Kewajiban yang diatur hanya mereka wajib menyediakan tempat parkir beserta petugasnya.
“Tapi, toko modern itu memiliki kebijakan sendiri. Sudah. Orang bayar aku yang tanggung, aku yang bayar (ke Pemkot),” katanya.
Parkir gratis atau berbayar yang dikenakan ke pengunjung, bukan wewenang Pemkot. Pemkot hanya memastikan para pengusaha tertib bayar pajak parkir.
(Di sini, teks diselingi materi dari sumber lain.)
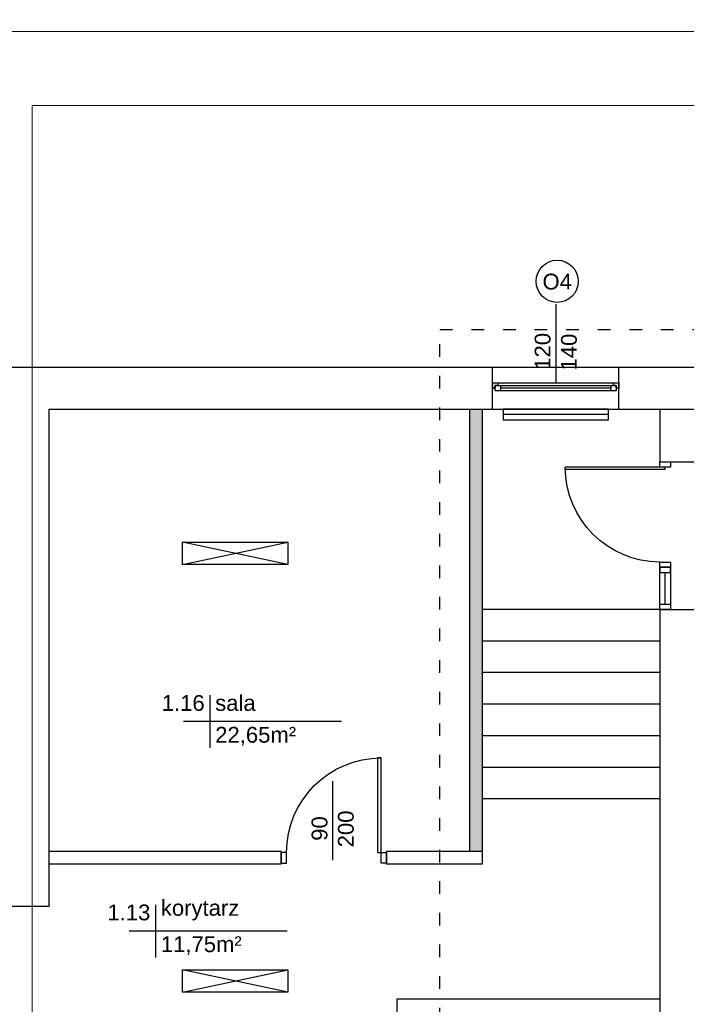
# Model space of a CAD drawing. Header units: millimetres. Extents: x -2994 to 13921, y -9859 to 2415.
# Tile 33 of 47: x 8100 to 8733, y -1198 to -263. Entities that reach past the tile are written whole.
import ezdxf
from ezdxf.enums import TextEntityAlignment as Align

# ---------------------------------------------------------------- set-up
doc = ezdxf.new("R2010")
doc.units = ezdxf.units.MM
doc.linetypes.add('ACAD_ISO03W100', pattern=[30, 12, -18])
for name, color, linetype, true_color in [('A_kreskowanie', 7, 'Continuous', 0x5e5e5e), ('A_sc_istn', 253, 'Continuous', 0x828282), ('A_sc_proj', 7, 'Continuous', 0x5e5e5e), ('A_stolarka', 7, 'Continuous', 0x5e5e5e), ('A_wymiary', 7, 'Continuous', 0x5e5e5e)]:
    doc.layers.add(name, color=color, linetype=linetype, true_color=true_color)
doc.layers.add('IE_OPISY_ogólne', color=7, linetype='Continuous', lineweight=30)
doc.layers.add('IE_OŚW_oprawy podstawowe', color=1, linetype='Continuous', lineweight=30)
doc.styles.get("Standard").update_dxf_attribs({"font": 'arial.ttf'})
doc.linetypes.add('TRACKS', pattern='A,0.15,[130,ltypeshp.shx,S=0.25,R=0,X=0,Y=0],0.15', length=0.3)

# ---------------------------------------------------------------- blocks, each defined once
blk = doc.blocks.new('*U27')
for p, q in [((-32.5, 20), (-37.5, 20)), ((-32.5, 17.5), (-32.5, 20)), ((77.5, 20), (-32.5, 20)), ((82.5, 20), (77.5, 20)), ((77.5, 20), (77.5, 17.5)), ((-37.5, 15), (-35, 15)), ((-35, 15), (-35, 17.5)), ((-35, 17.5), (-32.5, 17.5)), ((-30, 17.5), (-35, 17.5)), ((-35, 17.5), (-35, 12.5)), ((-35, 12.5), (-30, 12.5)), ((-30, 12.5), (-30, 17.5)), ((75, 17.5), (-30, 17.5)), ((-30, 15), (75, 15)), ((-30, 12.5), (75, 12.5)), ((-30, 12.5), (75, 12.5)), ((80, 17.5), (75, 17.5)), ((75, 17.5), (75, 12.5)), ((75, 12.5), (80, 12.5)), ((77.5, 17.5), (80, 17.5)), ((80, 17.5), (80, 15)), ((80, 12.5), (80, 17.5)), ((80, 15), (82.5, 15))]:
    blk.add_line(p, q)
for points in [[(-37.5, 20), (-37.5, 15), (-35, 15)], [(82.5, 20), (82.5, 15), (80, 15)]]:
    blk.add_lwpolyline(points)
blk = doc.blocks.new('*U15')
blk.add_lwpolyline([(75, 0), (0, 0)])
for tag, p in [('H', (30, 20)), ('S', (30, -5))]:
    blk.add_attdef(tag, text='', height=15, rotation=180).set_placement(p, align=Align.CENTER)
blk = doc.blocks.new('*U26')
for points in [[(35, 900), (35, 0), (0, 0), (0, 900)], [(-50, -100), (0, -100), (0, 0), (-50, 0)], [(950, 0), (950, -100), (900, -100), (900, 0)]]:
    blk.add_lwpolyline(points, close=True)
blk.add_arc((0, 0), 900, 0, 90)
blk = doc.blocks.new('jndf')
at = {"layer": 'A_stolarka', "ltscale": 2}
for p, q in [((6685.7, -1555593.7), (6685.7, -1556543.7)), ((6685.7, -1555593.7), (6705.7, -1555593.7)), ((6705.7, -1555593.7), (6705.7, -1556543.7))]:
    blk.add_line(p, q, dxfattribs=at)
for points in [[(5755.7, -1555643.7), (5805.7, -1555643.7), (5805.7, -1555543.7), (5755.7, -1555543.7)], [(6705.7, -1555643.7), (6755.7, -1555643.7), (6755.7, -1555543.7), (6705.7, -1555543.7)]]:
    blk.add_lwpolyline(points, close=True, dxfattribs=at)
blk.add_arc((6705.7, -1555643.7), 900, 180, 270, dxfattribs=at)

msp = doc.modelspace()

# ---------------------------------------------------------------- hatches: boundary and pattern name
at = {"layer": 'A_kreskowanie', "ltscale": 2}
h = msp.add_hatch(color=256, dxfattribs=at)
h.dxf.hatch_style = 1
h.paths.add_polyline_path([(8979.623, -865.1), (8967.623, -865.1), (8967.623, -1001.1), (8979.623, -1001.1)])
h.paths.add_polyline_path([(9123.82, -1033.1), (9123.82, -1031.1), (8979.623, -1031.1), (8979.623, -1043.1), (9123.82, -1043.1)])
h.paths.add_polyline_path([(9111.82, -1043.1), (9099.82, -1043.1), (9099.82, -1053.1), (9111.82, -1053.1)])
h.paths.add_polyline_path([(9264.499, -1031.1), (9223.82, -1031.1), (9223.82, -1043.1), (9264.499, -1043.1)])
h.paths.add_polyline_path([(9252.499, -865.1), (9240.499, -865.1), (9240.499, -873.1), (9240.499, -930.1), (9240.499, -1031.1), (9252.499, -1031.1)])
h.paths.add_polyline_path([(9474.536, -865.1), (9462.536, -865.1), (9462.536, -1031.1), (9382.711, -1031.1), (9367.82, -1031.1), (9367.82, -1043.1), (9474.536, -1043.1)])
h.paths.add_polyline_path([(9394.711, -1043.1), (9382.711, -1043.1), (9382.711, -1193.1), (9394.711, -1193.1)])
h.paths.add_polyline_path([(9111.82, -1153.546), (9099.82, -1153.546), (9099.82, -1193.1), (9111.82, -1193.1)])
h.paths.add_polyline_path([(8979.623, -1013.1), (8967.623, -1013.1), (8967.623, -1193.1), (8979.623, -1193.1)])
h.paths.add_polyline_path([(8841.258, -1193.1), (8759.854, -1193.1), (8759.854, -1203.1), (8764.854, -1203.1), (8764.854, -1213.1, 0.0278424), (8765.412, -1223.1), (8841.258, -1223.1)])
h.paths.add_polyline_path([(8764.854, -1213.1), (8759.854, -1213.1), (8759.854, -1223.1), (8765.412, -1223.1, -0.0278424)], flags=17)
h.paths.add_polyline_path([(8764.854, -1203.1), (8759.854, -1203.1), (8759.854, -1213.1), (8764.854, -1213.1)], flags=17)
h.paths.add_polyline_path([(8747.82, -1505.1), (8707.82, -1505.1), (8707.82, -1605.1), (8747.82, -1605.1)])
h.paths.add_polyline_path([(8758.413, -1605.1), (8747.82, -1605.1), (8747.82, -1617.1), (8758.413, -1617.1)])
h.paths.add_polyline_path([(8767.32, -1605.1), (8758.413, -1605.1), (8758.413, -1617.1), (8767.32, -1617.1)])
h.paths.add_polyline_path([(9056.82, -1605.1), (8907.32, -1605.1), (8907.32, -1617.1), (9056.82, -1617.1)])
h.paths.add_polyline_path([(9068.82, -1595.1), (9056.82, -1595.1), (9056.82, -1803.1), (9068.82, -1803.1)])
h.paths.add_polyline_path([(9370.82, -1363.1), (9358.82, -1363.1), (9068.82, -1363.1), (9068.82, -1375.1), (9358.82, -1375.1), (9358.82, -1803.1), (9370.82, -1803.1)])
h.paths.add_polyline_path([(10247.82, -853.1), (9367.82, -853.1), (9367.82, -865.1), (10247.82, -865.1)])
h.paths.add_polyline_path([(9846.351, -865.1), (9834.351, -865.1), (9834.351, -1193.1), (9846.351, -1193.1)])
h.paths.add_polyline_path([(10057.82, -865.1), (10045.82, -865.1), (10045.82, -1193.1), (10057.82, -1193.1)])
h.paths.add_polyline_path([(8538.82, -633.1), (8526.82, -633.1), (8526.82, -1053.1), (8538.82, -1053.1)])

# ---------------------------------------------------------------- linework, layer by layer
at = {"layer": 'A_sc_istn'}
for points in [[(8087.82, -1105.1), (8087.82, -593.1), (10237.82, -593.1), (10237.82, -263.1)], [(8127.82, -1105.1), (8127.82, -633.1), (10277.82, -633.1), (10277.82, -263.1)], [(8548.82, -633.1), (8548.82, -593.1)], [(8668.82, -633.1), (8668.82, -593.1)], [(8707.82, -633.1), (8707.82, -683.1)], [(8254.237, -780.56), (8354.237, -759.347)], [(8354.237, -780.56), (8254.237, -759.347)], [(8707.82, -823.1), (8707.82, -1505.1)], [(8280.363, -904.661), (8280.363, -954.661)], [(8405.363, -929.661), (8255.363, -929.661)], [(8348.109, -1053.1), (8127.82, -1053.1)], [(8348.109, -1065.1), (8348.109, -1053.1)], [(8538.82, -1053.1), (8448.109, -1053.1)], [(8448.109, -1065.1), (8448.109, -1053.1)], [(8348.109, -1065.1), (8127.82, -1065.1)], [(8538.82, -1065.1), (8448.109, -1065.1)], [(8127.82, -1105.1), (8087.82, -1105.1)], [(8228.731, -1103.537), (8228.731, -1153.537)], [(8353.731, -1128.537), (8203.731, -1128.537)], [(8254.237, -1186.486), (8354.237, -1165.272)], [(8354.237, -1186.486), (8254.237, -1165.272)], [(8707.82, -1193.1), (8457.82, -1193.1), (8457.82, -1223.1), (8707.82, -1223.1)]]:
    msp.add_lwpolyline(points, dxfattribs=at)
for points in [[(8658.82, -633.1), (8558.82, -633.1), (8558.82, -643.1), (8658.82, -643.1)], [(8254.237, -759.347), (8354.237, -759.347), (8354.237, -780.56), (8254.237, -780.56)], [(8254.237, -1165.272), (8354.237, -1165.272), (8354.237, -1186.486), (8254.237, -1186.486)]]:
    msp.add_lwpolyline(points, close=True, dxfattribs=at)
at = {"layer": 'A_sc_istn', "linetype": 'TRACKS', "ltscale": 20}
msp.add_lwpolyline([(8658.82, -638.1), (8558.82, -638.1)], dxfattribs=at)
at = {"layer": 'A_sc_istn'}
msp.add_circle((8610.206, -511.505), 20, dxfattribs=at)
at = {"layer": 'A_sc_proj', "ltscale": 2}
for p, q in [((8526.82, -633.1), (8526.82, -1053.1)), ((8538.82, -633.1), (8538.82, -1065.1)), ((8707.82, -683.1), (8747.82, -683.1)), ((8707.82, -823.1), (8747.82, -823.1))]:
    msp.add_line(p, q, dxfattribs=at)
at = {"layer": 'A_stolarka', "ltscale": 2}
msp.add_line((8712.82, -818.1), (8712.82, -788.1), dxfattribs=at)
for points in [[(8707.82, -783.1), (8707.82, -788.1), (8717.82, -788.1), (8717.82, -783.1)], [(8717.82, -783.1), (8717.82, -823.1), (8707.82, -823.1), (8707.82, -783.1)], [(8707.82, -823.1), (8707.82, -818.1), (8717.82, -818.1), (8717.82, -823.1)]]:
    msp.add_lwpolyline(points, close=True, dxfattribs=at)
at = {"layer": 'A_wymiary', "ltscale": 2}
for p, q in [((8707.82, -823.1), (8538.82, -823.1)), ((8707.82, -853.1), (8538.82, -853.1)), ((8707.82, -883.1), (8538.82, -883.1)), ((8707.82, -913.1), (8538.82, -913.1)), ((8707.82, -943.1), (8538.82, -943.1)), ((8707.82, -973.1), (8538.82, -973.1)), ((8707.82, -1003.1), (8538.82, -1003.1))]:
    msp.add_line(p, q, dxfattribs=at)
at = {"layer": 'IE_OPISY_ogólne', "lineweight": 15}
for points in [[(7951.507, -274.445), (7951.507, -3244.445), (13891.507, -3244.445), (13891.507, -274.445)], [(8111.507, -344.445), (8111.507, -3174.445), (13821.507, -3174.445), (13821.507, -344.445)]]:
    msp.add_lwpolyline(points, close=True, dxfattribs=at)
at = {"layer": 'IE_OŚW_oprawy podstawowe', "color": 0, "linetype": 'ACAD_ISO03W100'}
msp.add_lwpolyline([(8498.772, -557.358), (10316.254, -557.358), (10316.821, -1869.687), (8688.82, -1872.795), (8688.82, -1213.294), (8498.772, -1213.294)], close=True, dxfattribs=at)

# ---------------------------------------------------------------- block references
at = {"layer": 'A_sc_istn', "linetype": 'ACAD_ISO03W100'}
ref = msp.add_blockref('*U15', (8608.82, -608.097), dxfattribs=dict(at, xscale=-1, rotation=270))
ref.add_attrib('S', '120', dxfattribs={"layer": '0', "height": 15, "rotation": 90}).set_placement((8603.82, -578.028), align=Align.CENTER)
ref.add_attrib('H', '140', dxfattribs={"layer": '0', "height": 15, "rotation": 90}).set_placement((8628.82, -578.721), align=Align.CENTER)
at = {"layer": 'A_sc_istn', "xscale": -1}
msp.add_blockref('*U27', (8631.32, -628.097), dxfattribs=at)
at = {"layer": 'A_sc_istn', "xscale": -0.1, "yscale": 0.1, "zscale": 0.1}
msp.add_blockref('*U26', (8443.109, -1054.1), dxfattribs=at)
at = {"layer": 'A_sc_istn', "linetype": 'ACAD_ISO03W100'}
ref = msp.add_blockref('*U15', (8396.909, -1061.066), dxfattribs=dict(at, xscale=-1, rotation=270))
ref.add_attrib('S', '90', dxfattribs={"layer": '0', "height": 15, "rotation": 90}).set_placement((8391.909, -1031.193), align=Align.CENTER)
ref.add_attrib('H', '200', dxfattribs={"layer": '0', "height": 15, "rotation": 90}).set_placement((8416.909, -1031.563), align=Align.CENTER)
at = {"layer": 'A_stolarka', "xscale": -0.1, "yscale": 0.1, "zscale": 0.1, "rotation": 270}
msp.add_blockref('jndf', (164272.195, -1358.673), dxfattribs=at)

# ---------------------------------------------------------------- texts
at = {"layer": 'A_sc_istn', "char_height": 30}
for s, insert, attachment_point in [('{\\H0.5x;O4}', (8596.235, -519.501), 7), ('{\\H0.5x;1.16}', (8275.363, -919.661), 9), ('{\\H0.5x;sala}', (8285.363, -919.661), 7), ('{\\H0.5x;22,65m²}', (8285.363, -934.661), 1), ('{\\H0.5x;1.13}', (8223.731, -1118.537), 9), ('{\\H0.5x;korytarz}', (8233.731, -1118.537), 7), ('{\\H0.5x;11,75m²}', (8233.731, -1133.537), 1)]:
    msp.add_mtext_dynamic_manual_height_columns(s, width=232.59527, gutter_width=12.5, heights=[0], dxfattribs=dict(at, insert=insert, attachment_point=attachment_point))

doc.saveas('drawing.dxf')

“Intinya sama saja, itu adalah ketika dia itu mau berbayar atau tidak berbayar maka pajak parkir yang diserahkan adalah sesuai dengan jumlah kendaraan yang parkir di sana. Itu intinya,” jelasnya.
Sesuai Perda Kota Surabaya Nomor 3 Tahun 2018 tentang Penyelenggaraan Perparkiran, besaran pajak parkir yang harus dibayar pengusaha adalah sepuluh persen dari jumlah kendaraan parkir.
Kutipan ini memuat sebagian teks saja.